The Three Mile Island nuclear power plant has two reactors. The second reactor suffered a partial meltdown in 1979 and has remained out of service since. But the first reactor continued to operate without incident until 2019, when it was decommissioned for financial reasons, mainly due to competition from electricity generated by gas and wind power. Kotek says there are relatively few idle reactors that could also be brought back into service relatively quickly, but many power plant owners want to extend their operating licenses for their existing plants to try to ride the energy wave of AI.
Part of the enthusiasm among power plant operators is due to government incentives to keep low-carbon energy online. The Inflation Reduction Act provides tax credits tied to electricity production at existing nuclear power plants, but Kotek says the industry will also have to work to build new reactors if it wants to meet projected energy demand. The number of operating nuclear reactors in the United States peaked at 112 in 1990 and fell to 92 in 2022, and the most recently built reactors in the United States – at the Vogtle Power Plant in Georgia – took more than 14 years in the making and cost over a year. more than double the planned budget.
“The United States showed Vogtle that we’re not very good at building nuclear power plants,” says Todd Allen, chair of nuclear engineering and radiological sciences at the University of Michigan. But Allen points out that China appears to be building nuclear power plants much faster than the United States, so an acceleration is possible, and that if data center energy demand continues to grow, the construction of entirely new plants will increasingly appear. more like an attractive option.

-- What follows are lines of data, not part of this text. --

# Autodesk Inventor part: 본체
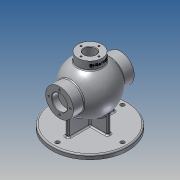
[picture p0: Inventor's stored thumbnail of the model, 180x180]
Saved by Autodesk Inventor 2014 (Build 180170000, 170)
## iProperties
Created: 2020-08
Part Number: 본체
Material: 알루미늄 6061
Document SubType Name: Modeling
Designer: kb542
Density: 2.71 g/cm^3
Appearance: 알루미늄 - 평지
Mass: 1.8289e+06 g
Surface Area: 137041 cm^2
Volume: 674872 cm^3
Author: kb542
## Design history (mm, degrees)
sketch "스케치1"
  geometry: L1 (0, 1783.933)-(0, 0); L2 (0, 0)-(680, 0); L3 (680, 0)-(680, 310); L4 (680, 310)-(442.154, 310); L5 (392.779, 175)-(680, 175); A1 r 540 centre (0, 0) between (442.154, 310) and (0, 540); A2 r 430 centre (0, 0) between (392.779, 175) and (0, 430); 1 further point
  constraints: 10 end point, 4 point on circle, 3 coincident, 3 perpendicular, 3 point on line, 2 centre point, 1 parallel, 1 vertical
  dimensions: "d0" = 1360 diameter of L3 L1; "d1" = 620 diameter of L4 L2; "d2" = 1080 diameter of A1; "d4" = 860 diameter of A2; "d5" = 350 diameter of L5 L2
revolve "회전1" sketch "스케치1" stored, may be unused: angle "d6" = 90 deg
node "작업 평면1"
fillet "모깎기1" dims "d42" = 30
chamfer "모따기1" distance "d52" = 10; stored, may be unused: second distance "d53" = 3.175, angle "d54" = 45 deg
chamfer "모따기2" distance "d55" = 10; stored, may be unused: second distance "d56" = 3.175, angle "d57" = 45 deg
node "작업 평면3"
node "작업 평면5"
sketch "스케치15"
  geometry: C1 r 850 at (0, 0); 1 further point
  constraints: 1 centre point, 1 coincident
  dimensions: "d99" = 1700 diameter of C1
extrude "돌출7" join sketch "스케치15" distance "d100" = 100; taper "d101" = 0 deg
sketch "스케치16"
  geometry: L1 (-40, 430)-(40, 430); L2 (40, 430)-(40, -430); L3 (40, -430)-(-40, -430); L4 (-40, -430)-(-40, 430); L5 (-520, 40)-(520, 40); L6 (520, 40)-(520, -40); L7 (520, -40)-(-520, -40); L8 (-520, -40)-(-520, 40); C1 r 850 at (0, 0) reference; 4 further points
  constraints: 16 end point, 4 midpoint, 4 parallel, 2 horizontal, 2 horizontal alignment, 2 perpendicular, 2 vertical alignment
  dimensions: "d102" = 80 distance of L2.end L3.end; "d103" = 860 distance between parallel lines of L3 L1; "d104" = 80 distance between parallel lines of L7 L5; "d105" = 1040 distance between parallel lines of L6 L8
extrude "돌출8" join sketch "스케치16" stored distance "d106" = 100; taper "d107" = 0 deg
node "작업 평면6"
sketch "스케치17"
  geometry: C1 r 270 at (0, 0); 1 further point
  constraints: 1 centre point, 1 coincident
  dimensions: "d109" = 540 diameter of C1
extrude "돌출9" join sketch "스케치17" stored distance "d110" = 100; taper "d111" = 0 deg
sketch "스케치18"
  geometry: C1 r 130 at (0, 0); 1 further point
  constraints: 1 centre point, 1 coincident
  dimensions: "d112" = 260 diameter of C1
extrude "돌출10" cut sketch "스케치18" stored distance "d113" = 100; taper "d114" = 0 deg
fillet "모깎기4" dims "d115" = 30
fillet "모깎기5" dims "d116" = 30
fillet "모깎기6" dims "d117" = 30
sketch "스케치19"
  geometry: C1 r 185 at (0, 0) reference; A1 r 240 centre (0, 0) between (0, 240) and (240, 0); 2 further points
  constraints: 4 point on circle, 1 centre point, 1 coincident
  dimensions: "d118" = 480 diameter of A1
hole "구멍6" sketch "스케치19" at (0, 240), (240, 0), (0, -240), (-240, 0) diameter "d119" = 40.386; stored, may be unused: countersink angle "d123" = 82 deg, drill point angle "d125" = 118 deg; dims "d120" = 120, "d121" = 3.0226, "d122" = 6.35, "d124" = 150
sketch "스케치21"
  geometry: C1 r 130 at (0, 0) reference; A1 r 200 centre (0, 0) between (0, 200) and (200, 0); 2 further points
  constraints: 4 point on circle, 1 centre point, 1 coincident
  dimensions: "d134" = 400 diameter of A1
hole "구멍8" sketch "스케치21" at (0, 200), (200, 0), (0, -200), (-200, 0) diameter "d135" = 40.386; stored, may be unused: countersink angle "d139" = 82 deg, drill point angle "d141" = 118 deg; dims "d136" = 304.8, "d137" = 3.0226, "d138" = 6.35, "d140" = 381
fillet "모깎기7" dims "d142" = 30
node "작업 평면8"
sketch "스케치24"
  geometry: L1 (270, 650)-(-270, 650) reference; L2 (-270, 650)-(-270, 484.665) reference; 2 further points
  constraints: 1 other
  dimensions: "d146" = 90 distance from line of point (0, 560) L1; "d147" = 270 distance from line of point (0, 560) L2
feature "엠보싱2" sketch "스케치24" dims "d148" = 5, "d149" = 0
chamfer "모따기4" distance "d150" = 10; stored, may be unused: second distance "d151" = 3.175, angle "d152" = 45 deg
node "작업 평면9"
sketch "스케치25"
  geometry: C1 r 185 at (0, 0); 1 further point
  constraints: 1 centre point, 1 coincident
  dimensions: "d154" = 370 diameter of C1
extrude "돌출11" join sketch "스케치25" distance "d155" = 17.5; taper "d156" = 0 deg
sketch "스케치26" dims "d158" = 1450
  geometry: C1 r 820 at (0, 0) reference; C2 r 45 at (0, 725); C3 r 45 at (-725, 0); C4 r 45 at (0, -725); C5 r 45 at (725, 0); 1 further point
  constraints: 4 centre point, 1 coincident, 1 vertical alignment, 11 other
  dimensions: "d157" = 90 diameter of C2; "d161" = 360 deg dimension on point (0, 0) C2.centre (derived)
extrude "돌출12" cut sketch "스케치26" stored distance "d163" = 17.5; taper "d164" = 0 deg
node "솔리드1"
mirror "대칭1"
mirror "대칭3"
other parameters: "d24" = -2159, "d61" = -685.8, "d145" = -275

These potentially long lead times partly explain why Microsoft is interested in small modular reactors, which should be faster and cheaper to build. But tech companies tend to focus on finding new sources of energy rather than improving the efficiency of their artificial intelligence operations, says Sasha Luccioni, head of AI and climate at Hugging Face, a company that develops tools to create applications using machine learning. “Regulation could be a way to encourage [great efficiency]starting with mandatory reporting and transparency for companies providing AI tools and services,” she says.
At the Carnegie Mellon University event, Pichai said work to improve the power consumption aspect of AI was still in its “early phases.” “We’re pre-training all of these models inefficiently, absolutely,” he said, but added that inference – actually asking an AI model to perform a task – could become “dramatically more efficient over time.” Google’s emissions in 2023 were 48% higher than their 2019 baseline, mainly due to increased data center energy consumption and supply chain emissions, putting increasing pressure on at risk Google’s goal of reaching net zero emissions by 2030. “The energy needs of AI are increasing now,” says Luccioni, but renewable or low-carbon energy used to power AI not keeping pace quickly enough.
For some, the prospect of the site of America’s most notorious nuclear disaster being used to fuel the AI revolution could be worrying. But Allen emphasizes that the first reactor did not shut down because of operational problems. According to him, restarting the reactor will mainly be about ensuring that it is still in good working order and that there are enough trained personnel to operate it without problems.